**EXERCISE AIM:**
Gather all lines in the entries that include the word "bodies".

**RECORDS TO USE:**

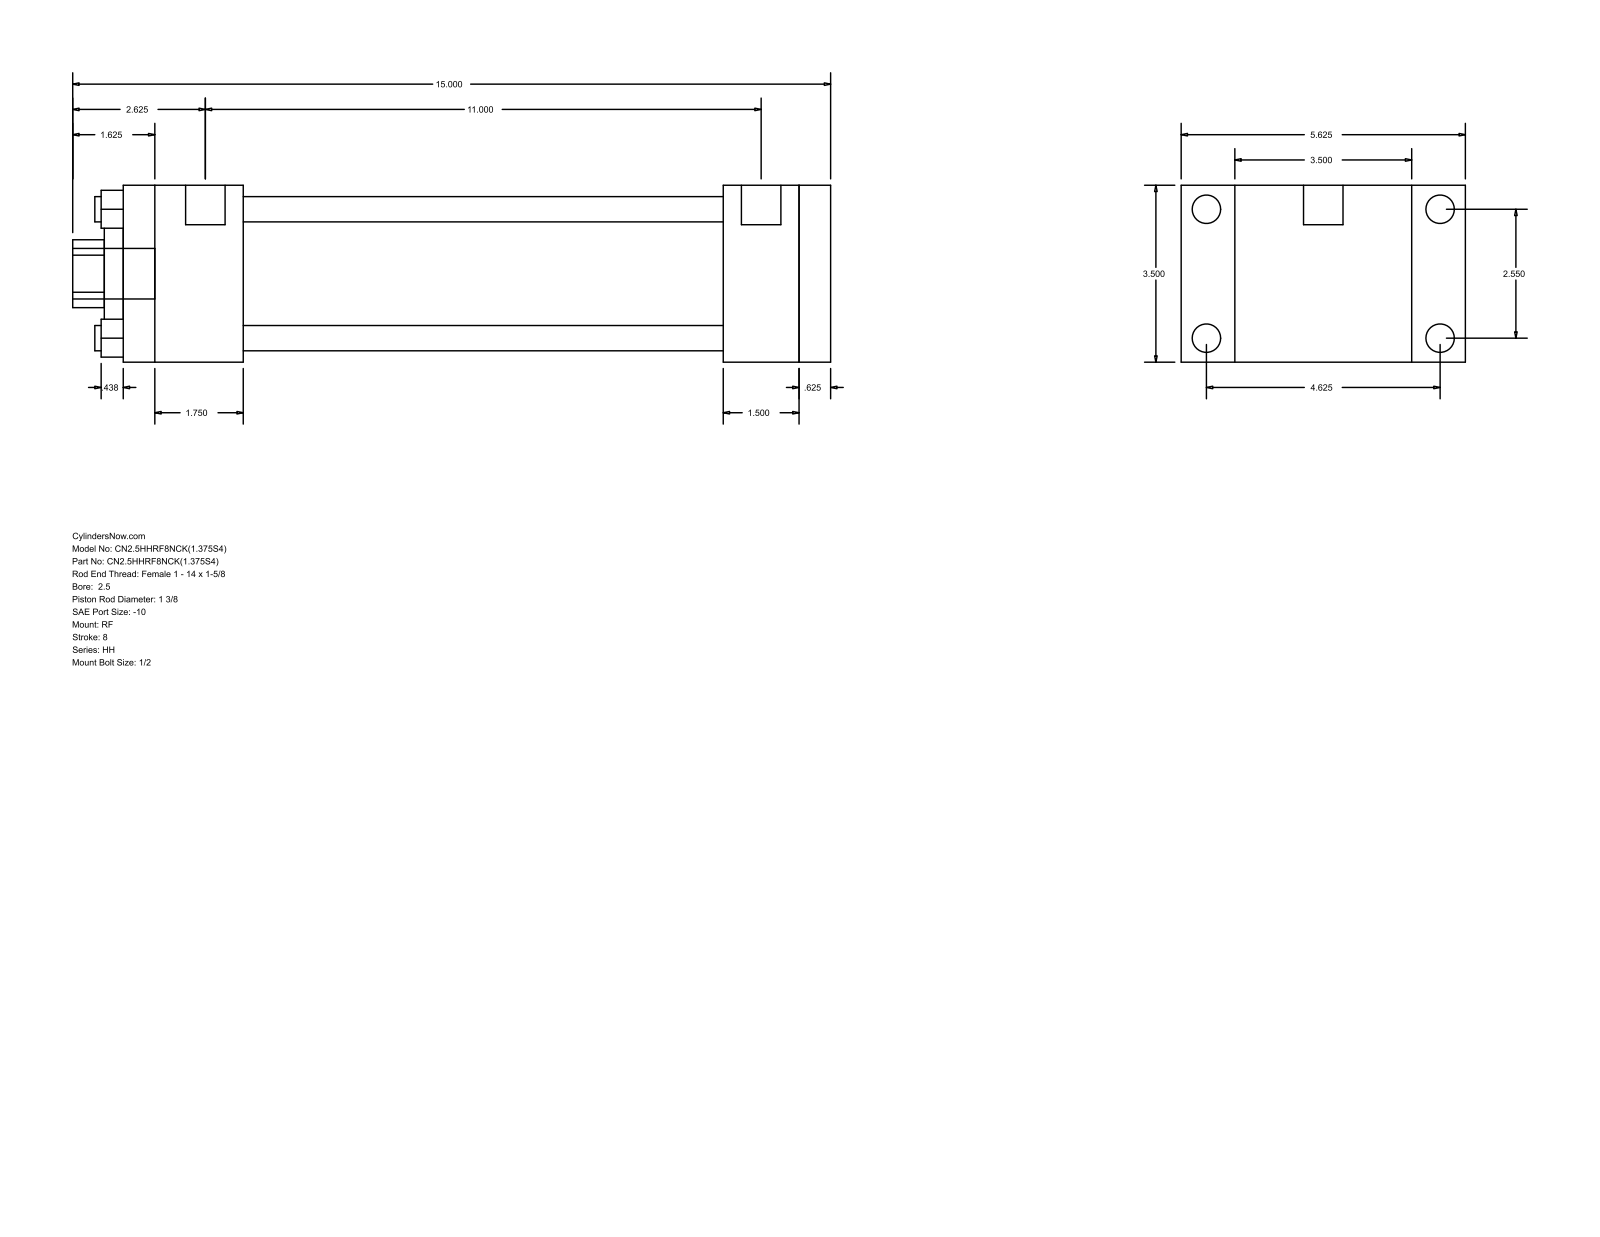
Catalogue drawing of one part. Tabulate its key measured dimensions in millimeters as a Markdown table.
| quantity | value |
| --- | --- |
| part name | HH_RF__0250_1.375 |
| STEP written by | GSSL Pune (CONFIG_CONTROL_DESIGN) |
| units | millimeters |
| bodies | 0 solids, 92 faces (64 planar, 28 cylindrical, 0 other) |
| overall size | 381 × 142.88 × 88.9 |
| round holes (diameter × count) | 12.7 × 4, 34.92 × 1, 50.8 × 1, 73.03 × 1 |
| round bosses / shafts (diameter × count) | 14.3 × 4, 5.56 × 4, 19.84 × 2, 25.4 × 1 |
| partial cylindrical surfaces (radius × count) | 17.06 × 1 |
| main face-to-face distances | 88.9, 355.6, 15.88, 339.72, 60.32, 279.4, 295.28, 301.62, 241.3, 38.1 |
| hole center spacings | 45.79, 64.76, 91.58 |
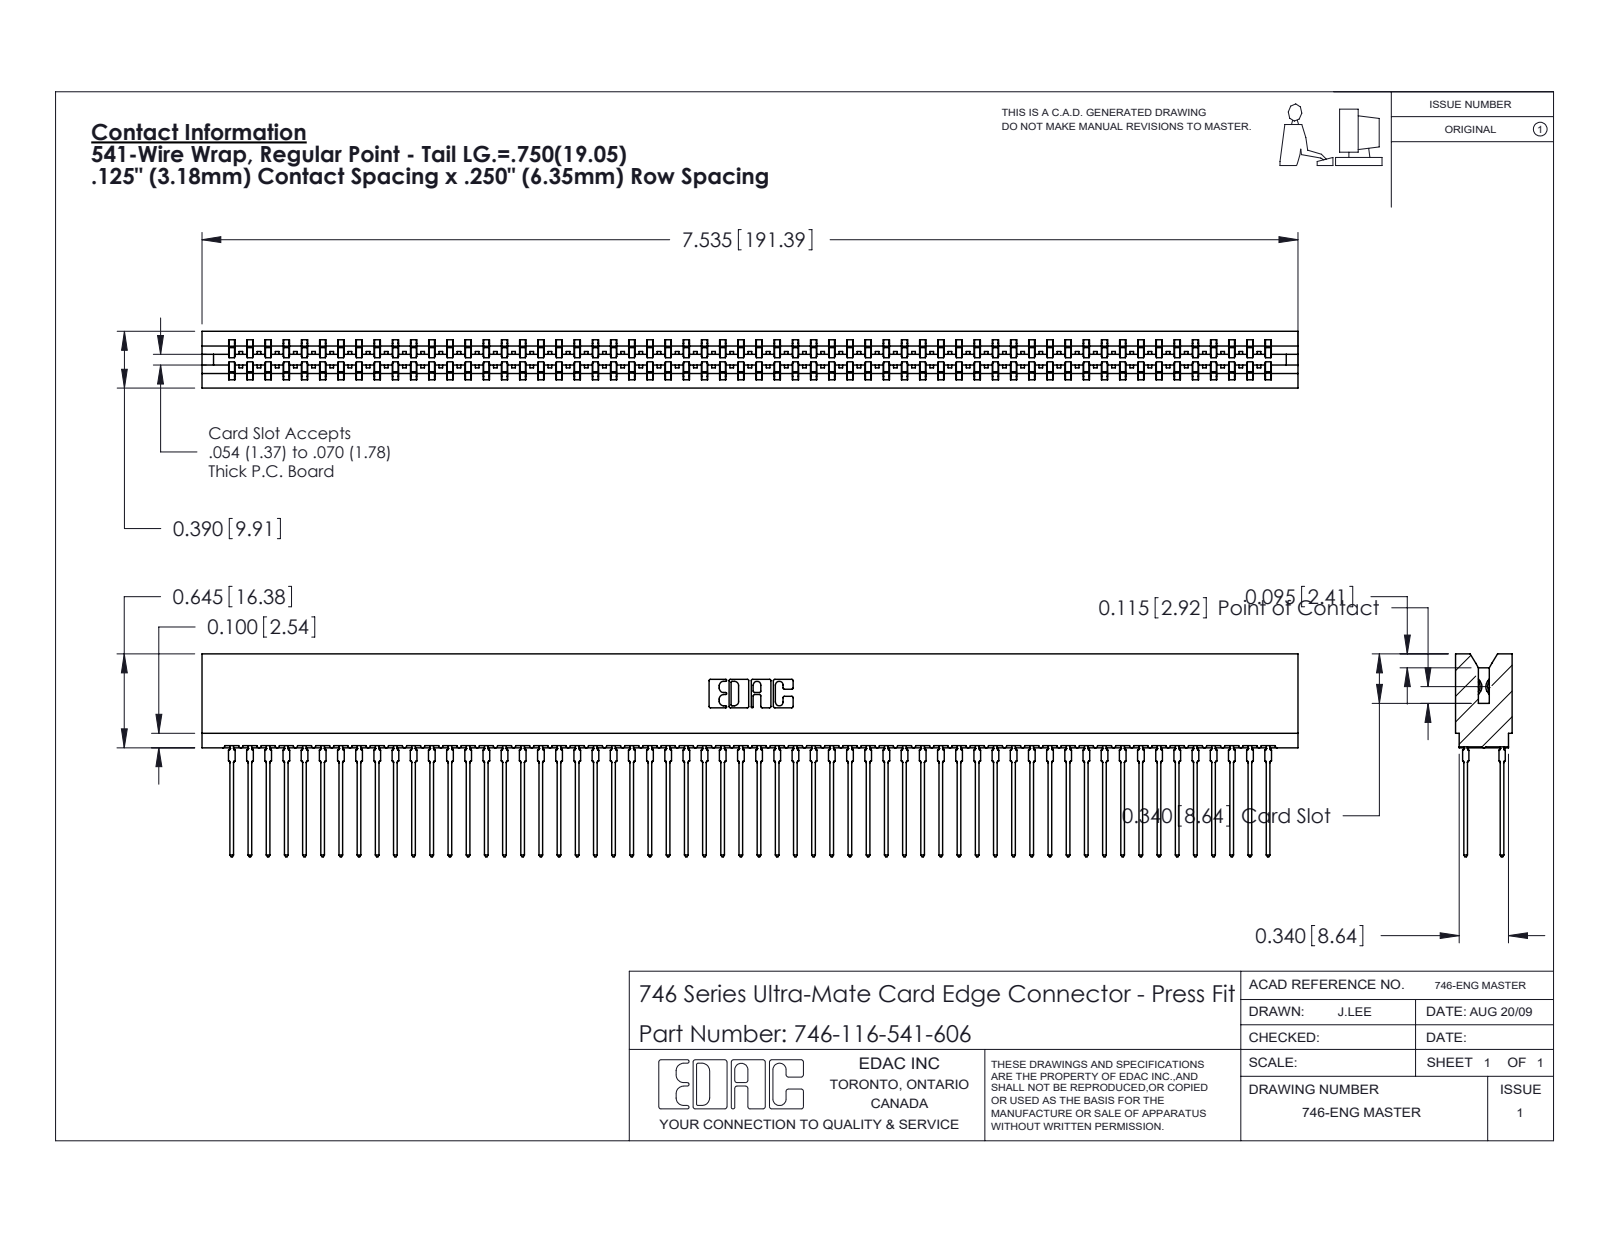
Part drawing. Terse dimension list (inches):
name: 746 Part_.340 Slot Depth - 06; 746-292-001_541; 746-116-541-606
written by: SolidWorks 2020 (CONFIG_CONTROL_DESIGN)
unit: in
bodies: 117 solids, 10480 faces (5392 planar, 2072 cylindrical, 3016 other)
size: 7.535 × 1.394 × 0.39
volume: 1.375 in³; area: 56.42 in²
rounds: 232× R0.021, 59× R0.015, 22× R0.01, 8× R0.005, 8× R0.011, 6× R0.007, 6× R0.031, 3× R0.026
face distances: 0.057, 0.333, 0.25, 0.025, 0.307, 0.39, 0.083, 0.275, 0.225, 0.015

**SOLVED PROBLEM:**
| bodies | 0 solids, 92 faces (64 planar, 28 cylindrical, 0 other) |
bodies: 117 solids, 10480 faces (5392 planar, 2072 cylindrical, 3016 other)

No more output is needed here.